これにより、 ICH メンバーは 14 団体、オブザーバーは 23 団体となりました(参考1に一覧を掲載)。
2.新規課題の採択
本会合では、 ICH ガイドラインを作成するための新規のトピックとして、 以下の 2 課題が新規に採択されました。今後、専門家作業部会の設立に向けた議論が開始される予定です。
● E8 (臨床試験の一般指針)の改訂( FDA 提案)
(概要) 1997 年に作成された E8 ガイドラインは、 基本的にはランダム化比較試験が前提とされていた。それと異なる種類の試験や多様なデザインの試験を含めて、広く臨床試験の質を適切なレベルに保つため、試験の質とそれに影響を与える試験デザインに関する事項を最新の内容に改めるもの。
● 小児医薬品開発における外挿( FDA/PhRMA 提案)
(概要) 成人等での有効性・安全性データをもとに医薬品の小児適応を設定する(「外挿」)ための、 薬理学、薬物動態学及び統計学を用いた手法を 提供するもの。本ガイドラインの作成により、より早期に医薬品の小児適応が追加されることが期待。

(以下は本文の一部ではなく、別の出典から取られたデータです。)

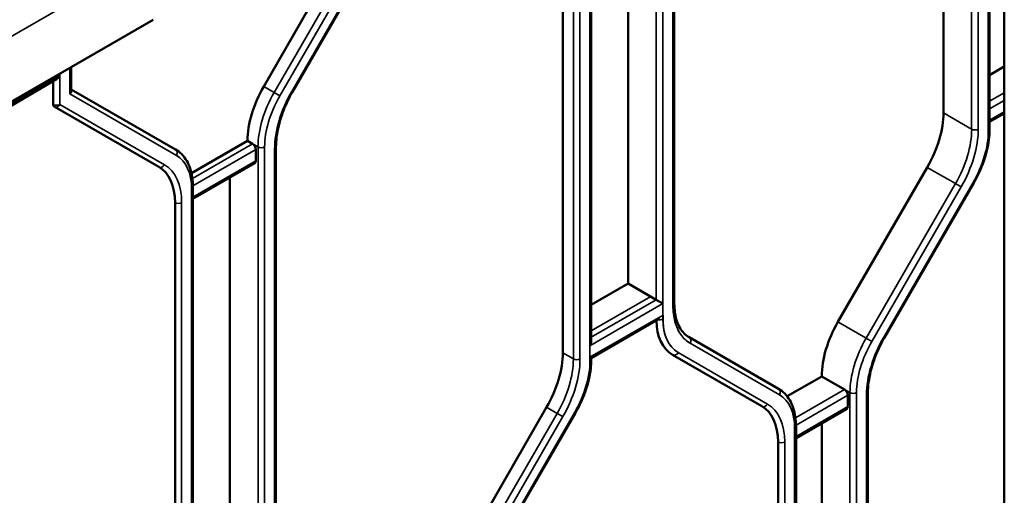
# Model space of a CAD drawing. Header units: millimetres. Extents: x 0 to 14369, y -869 to 2970.
# Tile 709 of 787: x 3790 to 3853, y 1671 to 1702. Entities that reach past the tile are written whole.
import ezdxf

# ---------------------------------------------------------------- set-up
doc = ezdxf.new("R2010")
doc.units = ezdxf.units.MM
doc.header["$LTSCALE"] = 10
doc.layers.add('Sichtbar (ISO)', color=7, linetype='Continuous', lineweight=50)
doc.layers.add('Sichtbar schmal (ISO)', color=7, linetype='Continuous', lineweight=35)

msp = doc.modelspace()

# ---------------------------------------------------------------- linework, layer by layer
at = {"layer": 'Sichtbar (ISO)'}
for p, q in [((3853.092, 1767.795), (3853.092, 1657.615)), ((3849.203, 1695.539), (3849.203, 1720.227)), ((3849.203, 1720.227), (3849.203, 1695.539)), ((3852.155, 1694.481), (3852.155, 1720.184)), ((3852.155, 1694.481), (3852.155, 1720.184)), ((3832.002, 1683.353), (3832.002, 1708.041)), ((3832.002, 1683.353), (3832.002, 1708.041)), ((3805.762, 1697.234), (3811.469, 1707.119)), ((3811.469, 1707.119), (3805.762, 1697.234)), ((3807.604, 1696.888), (3813.311, 1706.773)), ((3807.604, 1696.888), (3813.311, 1706.773)), ((3829.051, 1684.622), (3829.051, 1706.1)), ((3829.051, 1706.1), (3829.051, 1684.622)), ((3826.699, 1680.937), (3826.699, 1705.487)), ((3826.699, 1680.937), (3826.699, 1705.487)), ((3824.879, 1680.189), (3824.879, 1704.877)), ((3824.879, 1704.877), (3824.879, 1680.189)), ((3711.095, 1650.926), (3798.693, 1701.5)), ((3793.465, 1698.482), (3793.465, 1696.942)), ((3793.465, 1698.482), (3793.465, 1696.942)), ((3852.155, 1697.961), (3853.092, 1698.502)), ((3853.092, 1698.502), (3852.155, 1697.961)), ((3788.869, 1695.573), (3792.529, 1697.686)), ((3792.316, 1697.564), (3792.316, 1696.076)), ((3800.12, 1693.201), (3793.465, 1697.043)), ((3793.465, 1697.043), (3800.12, 1693.201)), ((3792.379, 1695.938), (3799.059, 1692.081)), ((3792.379, 1695.938), (3799.059, 1692.081)), ((3852.155, 1694.961), (3853.092, 1695.502)), ((3852.155, 1694.961), (3853.092, 1695.502)), ((3801.148, 1691.683), (3804.726, 1693.75)), ((3804.726, 1693.75), (3801.148, 1691.683)), ((3804.726, 1693.75), (3805.044, 1693.566)), ((3805.044, 1693.566), (3804.726, 1693.75)), ((3806.546, 1668.656), (3806.546, 1693.344)), ((3806.546, 1668.656), (3806.546, 1693.344)), ((3805.256, 1692.464), (3805.256, 1693.198)), ((3805.256, 1693.198), (3805.256, 1692.464)), ((3801.243, 1690.045), (3805.194, 1692.326)), ((3801.243, 1690.045), (3805.194, 1692.326)), ((3842.461, 1682.17), (3848.168, 1692.055)), ((3848.168, 1692.055), (3842.461, 1682.17)), ((3801.243, 1690.79), (3801.243, 1665.087)), ((3801.243, 1690.79), (3801.243, 1665.087)), ((3803.595, 1669.925), (3803.595, 1691.403)), ((3803.595, 1691.403), (3803.595, 1669.925)), ((3845.434, 1681.17), (3851.141, 1691.055)), ((3845.434, 1681.17), (3851.141, 1691.055)), ((3800.095, 1689.793), (3800.095, 1665.104)), ((3826.699, 1683.264), (3829.051, 1684.622)), ((3829.051, 1684.622), (3826.699, 1683.264)), ((3829.051, 1684.622), (3830.5, 1683.785)), ((3829.051, 1684.622), (3830.854, 1683.581)), ((3831.278, 1683.336), (3830.854, 1683.581)), ((3826.699, 1679.856), (3831.066, 1682.377)), ((3838.657, 1677.892), (3832.95, 1681.187)), ((3832.95, 1681.187), (3838.657, 1677.892)), ((3826.699, 1679.784), (3826.699, 1679.856)), ((3831.889, 1680.067), (3837.596, 1676.772)), ((3831.889, 1680.067), (3837.596, 1676.772)), ((3839.212, 1677.407), (3841.425, 1678.685)), ((3841.425, 1678.685), (3839.212, 1677.407)), ((3841.425, 1678.685), (3842.875, 1677.848)), ((3842.875, 1677.848), (3841.425, 1678.685)), ((3844.377, 1652.939), (3844.377, 1677.627)), ((3844.377, 1652.939), (3844.377, 1677.627)), ((3843.087, 1676.746), (3843.087, 1677.481)), ((3843.087, 1677.481), (3843.087, 1676.746)), ((3818.136, 1666.82), (3823.843, 1676.705)), ((3823.843, 1676.705), (3818.136, 1666.82)), ((3819.978, 1666.473), (3825.685, 1676.358)), ((3819.978, 1666.473), (3825.685, 1676.358)), ((3839.78, 1674.736), (3843.025, 1676.609)), ((3839.78, 1674.736), (3843.025, 1676.609)), ((3841.425, 1675.685), (3841.425, 1654.207)), ((3841.425, 1654.207), (3841.425, 1675.685)), ((3839.78, 1649.778), (3839.78, 1675.48)), ((3839.78, 1649.778), (3839.78, 1675.48)), ((3838.632, 1674.483), (3838.632, 1649.795))]:
    msp.add_line(p, q, dxfattribs=at)
for centre, major_axis, ratio, start_param, end_param in [((3792.529, 1698.033), (-0.212, -0.367), 0.57735, 0.785398, 1.570796), ((3808.262, 1695.791), (2.5, 4.33), 0.57735, 1.570796, 2.356194), ((3808.262, 1695.791), (-2.5, -4.33), 0.57735, 4.712389, 5.497787), ((3793.165, 1696.87), (-0.277, -0.16), 0.717439, 1.963495, 2.748894), ((3793.165, 1696.87), (-0.277, -0.16), 0.717439, 1.963495, 2.748894), ((3792.529, 1696.198), (-0.15, -0.26), 0.57735, 5.497787, 6.283185), ((3845.668, 1693.498), (2.5, 4.33), 0.57735, 4.712389, 5.497787), ((3845.668, 1693.498), (-2.5, -4.33), 0.57735, 1.570796, 2.356194), ((3805.044, 1693.321), (0.15, -0.26), 0.57735, 0.785398, 2.356022), ((3805.044, 1693.321), (-0.15, 0.26), 0.57735, 3.926991, 5.49761), ((3796.559, 1687.751), (2.5, 4.33), 0.57735, 5.497787, 6.283185), ((3805.044, 1692.586), (0.15, -0.26), 0.57735, 0, 0.785398), ((3805.044, 1692.586), (0.15, -0.26), 0.57735, 0, 0.785398), ((3834.389, 1684.397), (-2.5, -4.33), 0.57735, 5.522643, 6.283185), ((3844.961, 1680.726), (2.5, 4.33), 0.57735, 1.570796, 2.356194), ((3844.961, 1680.726), (-2.5, -4.33), 0.57735, 4.712389, 5.497787), ((3826.399, 1680.764), (0.212, 0.367), 0.57735, 4.712389, 5.497787), ((3821.343, 1678.148), (2.5, 4.33), 0.57735, 4.712389, 5.497787), ((3821.343, 1678.148), (-2.5, -4.33), 0.57735, 1.570796, 2.356194), ((3842.875, 1677.603), (0.15, -0.26), 0.57735, 0.785398, 2.356195), ((3842.875, 1677.603), (-0.15, 0.26), 0.57735, 3.926991, 5.497787), ((3835.096, 1672.442), (2.5, 4.33), 0.57735, 5.497787, 6.283185), ((3842.875, 1676.868), (0.15, -0.26), 0.57735, 0, 0.785398), ((3842.875, 1676.868), (0.15, -0.26), 0.57735, 0, 0.785398)]:
    msp.add_ellipse(centre, major_axis=major_axis, ratio=ratio, start_param=start_param, end_param=end_param, dxfattribs=at)
msp.add_open_spline([(3798.693, 1701.5), (3798.693, 1701.5), (3798.693, 1701.5), (3798.693, 1701.5)], degree=3, dxfattribs=at)
for points, knots in [([(3807.604, 1696.888), (3807.47, 1696.656), (3807.346, 1696.417), (3807.123, 1695.934), (3807.024, 1695.689), (3806.852, 1695.201), (3806.78, 1694.957), (3806.663, 1694.477), (3806.619, 1694.24), (3806.561, 1693.78), (3806.546, 1693.557), (3806.546, 1693.344)], [2.3561945, 2.3561945, 2.3561945, 2.3561945, 2.5132741, 2.5132741, 2.6703538, 2.6703538, 2.8274334, 2.8274334, 2.984513, 2.984513, 3.1415927, 3.1415927, 3.1415927, 3.1415927]), ([(3807.604, 1696.888), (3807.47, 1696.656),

3.専門家作業部会による ICH ガイドライン作成の進捗
専門家作業部会による ICH ガイドラインの作成で、本会合中に 3 つのガイドラインに進捗があり、会合後にさらに 7 つのガイドラインに進捗が見込まれています。
○ 本会合中にステップが進捗したもの
[ステップ 1 (作業部会でガイドライン案の合意・今後各国で最終確認後に、パブリックコメントを実施)]
● Q12 :ライフサイクルマネジメント(ガイドライン案の作成)
[ステップ 4 ( ICH ガイドライン等として採択・今後各国で通知)]
● M7(R1) : DNA 反応性不純物の評価と管理(付録の作成)
● E2B(R3) :症例報告の電子的送信( Q&A の作成)
○ 本会合後、次回会合までの間にステップの進捗が見込まれるもの
[ステップ 2 (ガイドライン案の合意・今後各国でパブリックコメントを実施)]
● S5(R3): 医薬品の生殖毒性試験法(ガイドラインの改訂)
● E9(R1) :臨床試験の統計的原則(付録の作成)
[ステップ 4 ( ICH ガイドライン等として採択・今後各国で通知)]
● E11(R1) :小児集団における医薬品の臨床試験(ガイドラインの改訂)
● E18 :共同利用のための DNA サンプルの採取と情報管理(ガイドラインの作成)
● S3A :マイクロサンプリングによる非臨床安全性試験( Q&A の作成)
● Q11 :原薬の開発と製造( Q&A の作成)
● M8 :電子化申請様式( eCTD v3.2.2 & v4.0 Q&As の作成)
(参考1) ICH 参加団体一覧(平成 29 年 6 月時点(下線:今回承認))
【メンバー( 14 団体)】
○ 常任規制当局メンバー:厚生労働省・医薬品医療機器総合機構( MHLW/PMDA )、米国医薬品食品庁( FDA )、欧州委員会・欧州医薬品庁( EC/EMA )、ヘルスカナダ、スイスメディック
○ 常任産業界メンバー:日本製薬工業協会( JPMA )、米国研究製薬工業協会( PhRMA )、欧州製薬団体連合会( EFPIA )
○ 規制当局メンバー: ブラジル国家衛生監督庁( ANVISA )、中国国家食品薬品監督管理総局( CFDA ) 、韓国食品医薬品安全処( MFDS )
○ 業界団体メンバー:バイオテクノロジーイノベーション協会( BIO )、国際ジェネリック・バイオシミラー医薬品協会( IGBA )、世界セルフメディケーション協会( WSMI )
【オブザーバー( 23 団体)】
○ 常任オブザーバー:世界保健機関( WHO )、国際製薬団体連合会( IFPMA )
○ 規制当局オブザーバー:インド中央医薬品基準管理機構( CDSCO )、キューバ国家医薬品医療機器管理機関( CECMED )、メキシコ連邦衛生リスク対策委員会( COFEPRIS )、シンガポール保健科学庁( HSA )、南アフリカ医薬品管理審議会( MCC )、カザフスタン国家医薬品医療機器専門機関、ロシア連邦保健・社会発展省( Roszdravnadzor )、台湾食品薬物管理署( TFDA )、オーストラリア医療製品管理局( TGA )
○ 地域調和イニシアティブ:東南アジア諸国連合( ASEAN )、アジア太平洋経済協力( APEC )、東アフリカ共同体( EAC )、湾岸協力理事会( GCC )、汎アメリカ医薬品規制調和ネットワーク( PANDRH )、南部アフリカ開発共同体( SADC )
○ 業界団体オブザーバー:医薬品原薬委員会( APIC )
○ 医薬品関連国際団体:国際医学団体協議会( CIOMS )、欧州医薬品医療品質理事会( EDQM )、国際医薬品添加物機関( IPEC )、医薬品査察協同スキーム( PIC/S ) 、米国薬局方( USP )
各団体の英字の正式名称は ICH ウェブサイトに掲載されています。